Rabbi Lévi Its'hak, fut inculpé en même temps que les trois autres personnalités. Ils furent accusés « d'être membres d'un mouvement clandestin juif antisoviétique, actifs au cours de réunions secrètes organisées dans la maison de Schneerson, d'avoir collecté de l'argent parmi la population au profit des familles de prisonniers, d'avoir participé à la gestion de caisses non déclarées, d'avoir au cours de ces réunions lancé des propagandes antisoviétiques, d'avoir diffamé le gouvernement soviétique et d'avoir entretenu un lien avec des communautés à l'étranger par l'intermédiaire de leur chef : Schneerson. »

Document ordonnant l'exil de Rabbi Lévi Its'hak
Document ordonnant l'exil de Rabbi Lévi Its'hak

Le verdict prononcé contre lui le condamna à cinq ans d'exil dans la ville de Tchiali, au Kazakhstan, au fin fond de l'est de l'Asie en tant qu’« homme dangereux pour la société. »

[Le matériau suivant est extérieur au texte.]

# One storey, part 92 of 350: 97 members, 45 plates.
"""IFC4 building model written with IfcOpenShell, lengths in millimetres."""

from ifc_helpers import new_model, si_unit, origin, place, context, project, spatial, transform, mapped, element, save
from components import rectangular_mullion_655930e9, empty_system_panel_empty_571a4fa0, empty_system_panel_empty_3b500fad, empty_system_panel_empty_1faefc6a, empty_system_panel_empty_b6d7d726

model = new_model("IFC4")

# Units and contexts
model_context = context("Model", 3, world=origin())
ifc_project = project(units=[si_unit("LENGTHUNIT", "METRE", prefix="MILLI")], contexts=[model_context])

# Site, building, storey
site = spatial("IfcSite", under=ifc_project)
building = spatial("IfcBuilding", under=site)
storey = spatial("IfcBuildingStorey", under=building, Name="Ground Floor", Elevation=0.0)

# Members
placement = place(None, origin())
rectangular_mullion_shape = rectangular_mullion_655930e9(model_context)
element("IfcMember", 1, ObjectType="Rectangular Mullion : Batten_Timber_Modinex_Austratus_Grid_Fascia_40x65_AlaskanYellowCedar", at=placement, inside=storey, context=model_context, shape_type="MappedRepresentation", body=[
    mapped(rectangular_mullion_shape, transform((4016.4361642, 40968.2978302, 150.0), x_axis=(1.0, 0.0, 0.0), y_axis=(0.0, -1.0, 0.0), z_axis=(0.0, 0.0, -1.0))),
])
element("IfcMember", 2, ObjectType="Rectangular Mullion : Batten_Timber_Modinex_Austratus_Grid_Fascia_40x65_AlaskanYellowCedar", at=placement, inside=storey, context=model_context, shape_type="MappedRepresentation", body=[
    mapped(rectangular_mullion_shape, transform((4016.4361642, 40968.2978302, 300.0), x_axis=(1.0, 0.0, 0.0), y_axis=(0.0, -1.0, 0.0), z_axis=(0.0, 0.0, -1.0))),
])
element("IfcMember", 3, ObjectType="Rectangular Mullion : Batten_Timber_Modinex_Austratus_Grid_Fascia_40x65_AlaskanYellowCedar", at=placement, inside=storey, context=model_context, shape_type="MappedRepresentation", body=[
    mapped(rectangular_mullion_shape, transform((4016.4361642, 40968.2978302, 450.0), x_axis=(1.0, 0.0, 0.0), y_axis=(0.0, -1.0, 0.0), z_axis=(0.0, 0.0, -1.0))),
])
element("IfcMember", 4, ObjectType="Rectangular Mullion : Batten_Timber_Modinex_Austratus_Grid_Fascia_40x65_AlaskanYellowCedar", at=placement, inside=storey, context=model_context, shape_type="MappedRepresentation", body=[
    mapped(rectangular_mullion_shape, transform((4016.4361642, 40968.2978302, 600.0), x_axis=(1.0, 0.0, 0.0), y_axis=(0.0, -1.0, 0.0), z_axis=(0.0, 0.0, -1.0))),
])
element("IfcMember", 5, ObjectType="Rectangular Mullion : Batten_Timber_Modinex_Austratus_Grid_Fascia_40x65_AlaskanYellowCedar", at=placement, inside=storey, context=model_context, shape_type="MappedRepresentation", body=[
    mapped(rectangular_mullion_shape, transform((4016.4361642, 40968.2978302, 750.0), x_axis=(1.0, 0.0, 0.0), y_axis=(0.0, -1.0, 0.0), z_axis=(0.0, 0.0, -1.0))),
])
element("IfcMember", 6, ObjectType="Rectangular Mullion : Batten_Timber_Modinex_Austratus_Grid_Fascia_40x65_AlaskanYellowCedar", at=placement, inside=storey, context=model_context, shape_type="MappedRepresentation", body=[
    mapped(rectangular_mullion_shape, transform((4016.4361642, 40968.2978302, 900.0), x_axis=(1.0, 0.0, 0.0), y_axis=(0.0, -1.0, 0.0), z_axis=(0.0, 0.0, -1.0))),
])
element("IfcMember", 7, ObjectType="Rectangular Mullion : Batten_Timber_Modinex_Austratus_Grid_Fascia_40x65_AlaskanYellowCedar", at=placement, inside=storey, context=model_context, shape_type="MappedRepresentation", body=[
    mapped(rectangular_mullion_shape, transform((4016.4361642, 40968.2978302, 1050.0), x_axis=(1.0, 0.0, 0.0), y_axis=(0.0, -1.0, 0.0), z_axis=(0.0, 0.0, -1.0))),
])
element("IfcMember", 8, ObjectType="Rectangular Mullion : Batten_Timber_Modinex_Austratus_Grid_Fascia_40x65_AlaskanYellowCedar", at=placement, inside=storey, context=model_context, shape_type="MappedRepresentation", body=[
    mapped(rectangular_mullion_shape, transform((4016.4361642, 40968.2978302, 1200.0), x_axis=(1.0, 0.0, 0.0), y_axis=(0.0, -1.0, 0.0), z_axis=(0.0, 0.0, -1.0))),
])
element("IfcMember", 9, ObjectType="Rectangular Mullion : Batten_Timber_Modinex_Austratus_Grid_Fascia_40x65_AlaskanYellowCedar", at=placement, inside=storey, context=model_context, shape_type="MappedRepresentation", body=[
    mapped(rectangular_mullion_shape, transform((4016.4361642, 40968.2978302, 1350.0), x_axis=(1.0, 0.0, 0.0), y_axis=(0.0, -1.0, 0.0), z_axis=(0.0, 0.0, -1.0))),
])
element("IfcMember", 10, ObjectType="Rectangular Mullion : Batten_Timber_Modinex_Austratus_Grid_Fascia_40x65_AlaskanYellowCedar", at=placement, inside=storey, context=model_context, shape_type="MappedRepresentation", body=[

Lorsqu'on transmit la nouvelle à la Rabbanit 'Hanna, elle tenta de leur expliquer que son mari avait déjà soixante-dix ans (selon leurs papiers), mais en vain. On lui répondit que l'endroit où était envoyé son mari était convenable, qu'il conserverait sa citoyenneté, mais qu'il devait seulement changer de lieu de résidence.

On lui dit aussi qu'avant son départ, elle pourrait revoir son mari une dernière fois.

Cette rencontre à travers les barreaux (la première depuis son arrestation) fut un mélange de joie et de souffrance, la joie des retrouvailles et la souffrance de voir ce qu'il avait enduré. Elle ne s'imaginait pas qu'en une si courte période, son état de santé se serait détérioré au point qu'elle aurait du mal à le reconnaître. Cette rencontre, sous les yeux d'un surveillant, ne dura que quelques minutes. Avant leur séparation, Rabbi Lévi Its'hak lui demanda pardon. Il pensait que ses forces ne lui permettraient pas de tenir durant un si long voyage... Elle lui laissa un colis et ils se quittèrent.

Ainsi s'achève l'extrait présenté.